In a single story by Lardner, in truth, it is usually possible to discover examples of almost every logical and grammatical peculiarity of the emerging language, and he always resists very stoutly the temptation to overdo the thing. Here, for example, are a few typical sentences from "The Busher's Honeymoon": [2]

I and Florrie was married the day before yesterday just like I told you we was going to be. … You was wise to get married in Bedford, where not nothing is nearly half so dear.…The sum of what I have wrote down is $29.40.…Allen told me I should ought to give the priest $5.… I never seen him before.… I didn't used to eat no lunch in the playing season except when I knowed I was not going to work.… I guess the meals has cost me all together about $1.50, and I have eat very little myself.…

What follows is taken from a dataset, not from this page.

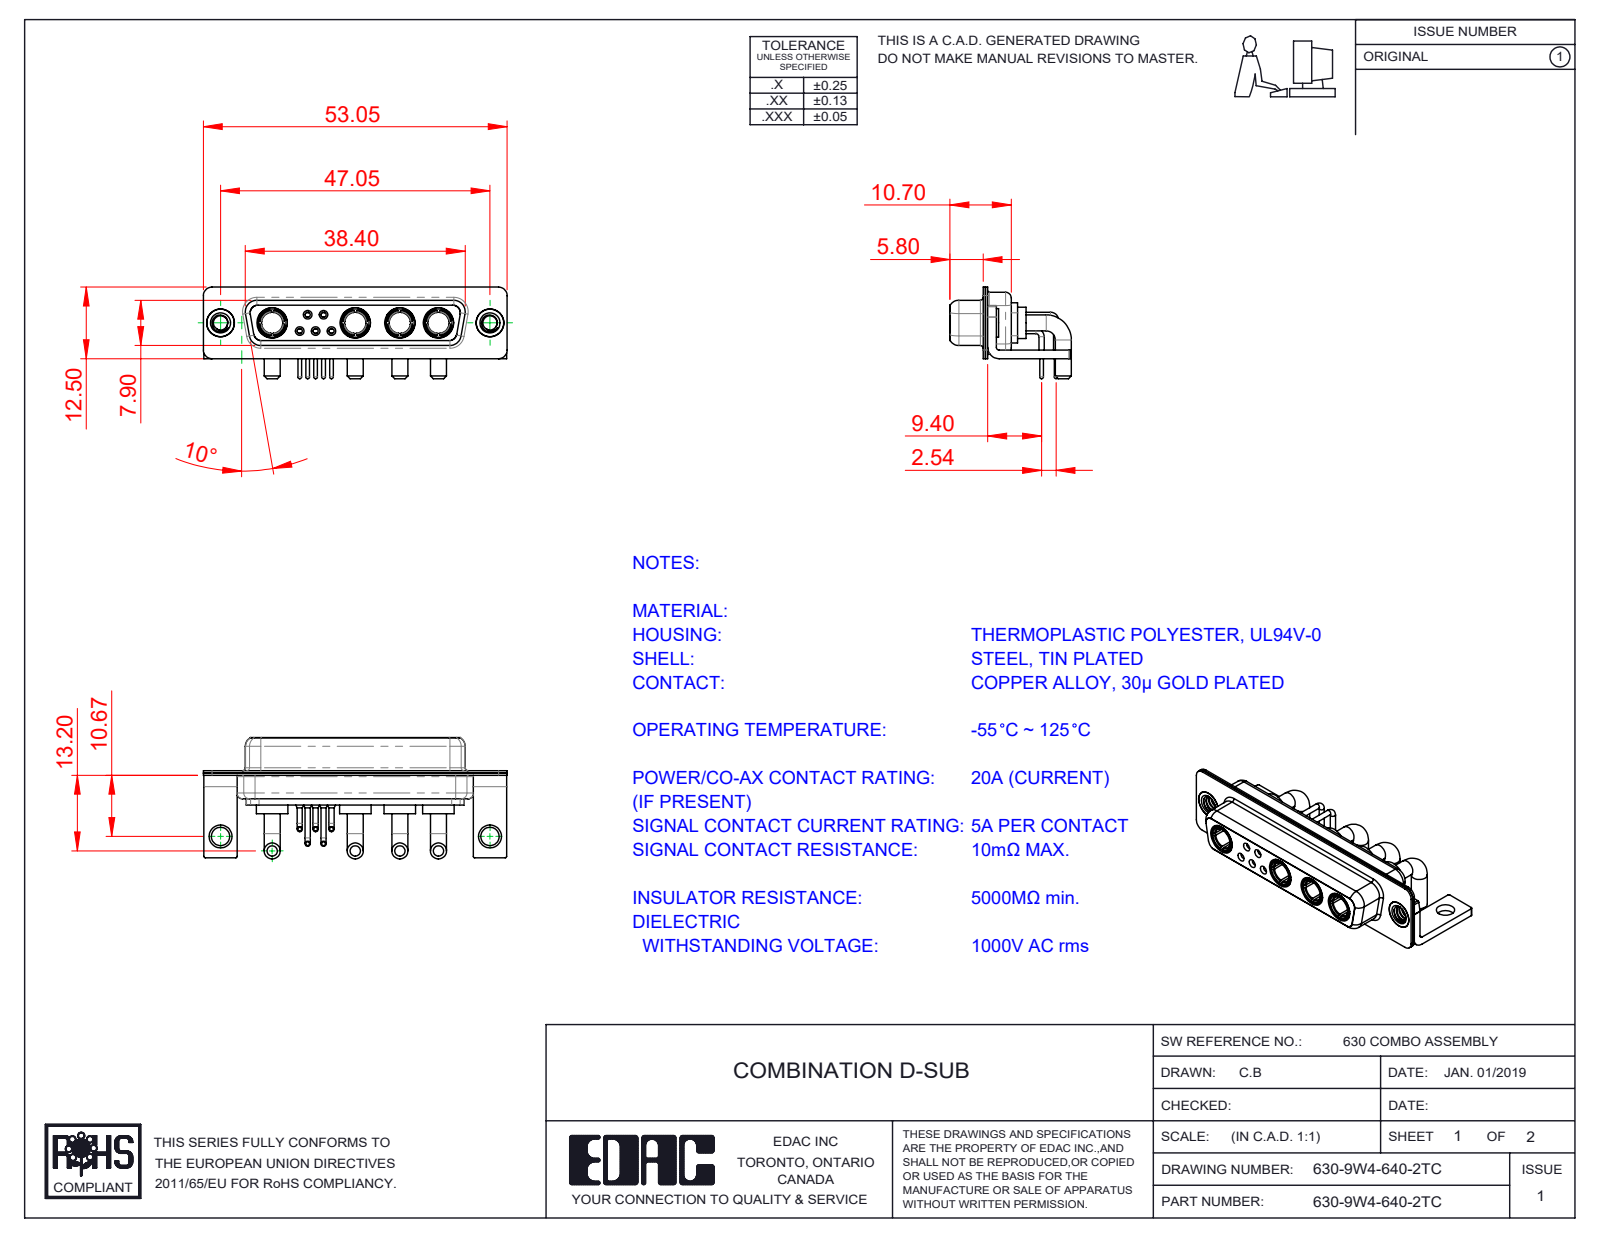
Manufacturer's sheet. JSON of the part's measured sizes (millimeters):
{"part_name": "Power Socket_20A RA; 630-9W4-640-2TC; 630Combo Contact Row 2; 630Combo Contact Row 1 (+5 more)", "step_written_by": "SolidWorks 2020 (CONFIG_CONTROL_DESIGN)", "units": "millimeters", "bodies": {"solids": 20, "faces": 894, "planar": 278, "cylindrical": 370, "other": 246}, "overall_size": [53.05, 21.2, 16], "volume_mm3": 4285, "surface_area_mm2": 9433, "round_holes": [[4.85, 6], [0.9, 5], [1.1, 5], [1.5, 5], [2, 5], [3.7, 4], [5.3, 4], [1.6, 3], [1.7, 2], [2.5, 2], [3.2, 2], [4, 2]], "round_bosses_or_shafts": [[2.8, 8], [0.9, 5], [0.65, 5], [5.5, 4], [5.2, 4], [4.96, 4], [4.75, 4], [3.75, 4]], "partial_cylinders_radius": [[0.25, 16], [1.5, 16], [2, 13], [1.35, 8], [1.6, 8], [0.5, 5], [0.6, 4], [0.65, 4]], "face_to_face_distances": [0.4, 0.45, 1.4, 8.45, 1.8, 0.8, 8.9, 1.5, 7.05, 6.2], "hole_center_spacings": [3.16, 2.77, 47.05, 4.4, 5.02, 5.03, 5.04, 5.54]}

I was willing to tell her all about them two poor girls.… They must not be no mistake about who is the boss in my house. Some men lets their wife run all over them.…Allen has went to a college foot-ball game. One of the reporters give him a pass.…He called up and said he hadn't only the one pass, but he was not hurting my feelings none.…The flat across the hall from this here one is for rent.…If we should of boughten furniture it would cost us in the neighborhood of $100, even without no piano.…I consider myself lucky to of found out about this before it was too late and somebody else had of gotten the tip.…It will always be ourn, even when we move away.…Maybe you could of did better if you had of went at it in a

different way.…Both her and you is welcome at my house.…I never seen so much wine drank in my life.…

  1. You Know Me Al: New York, 1916.
  2. Saturday Evening Post, July 11, 1914.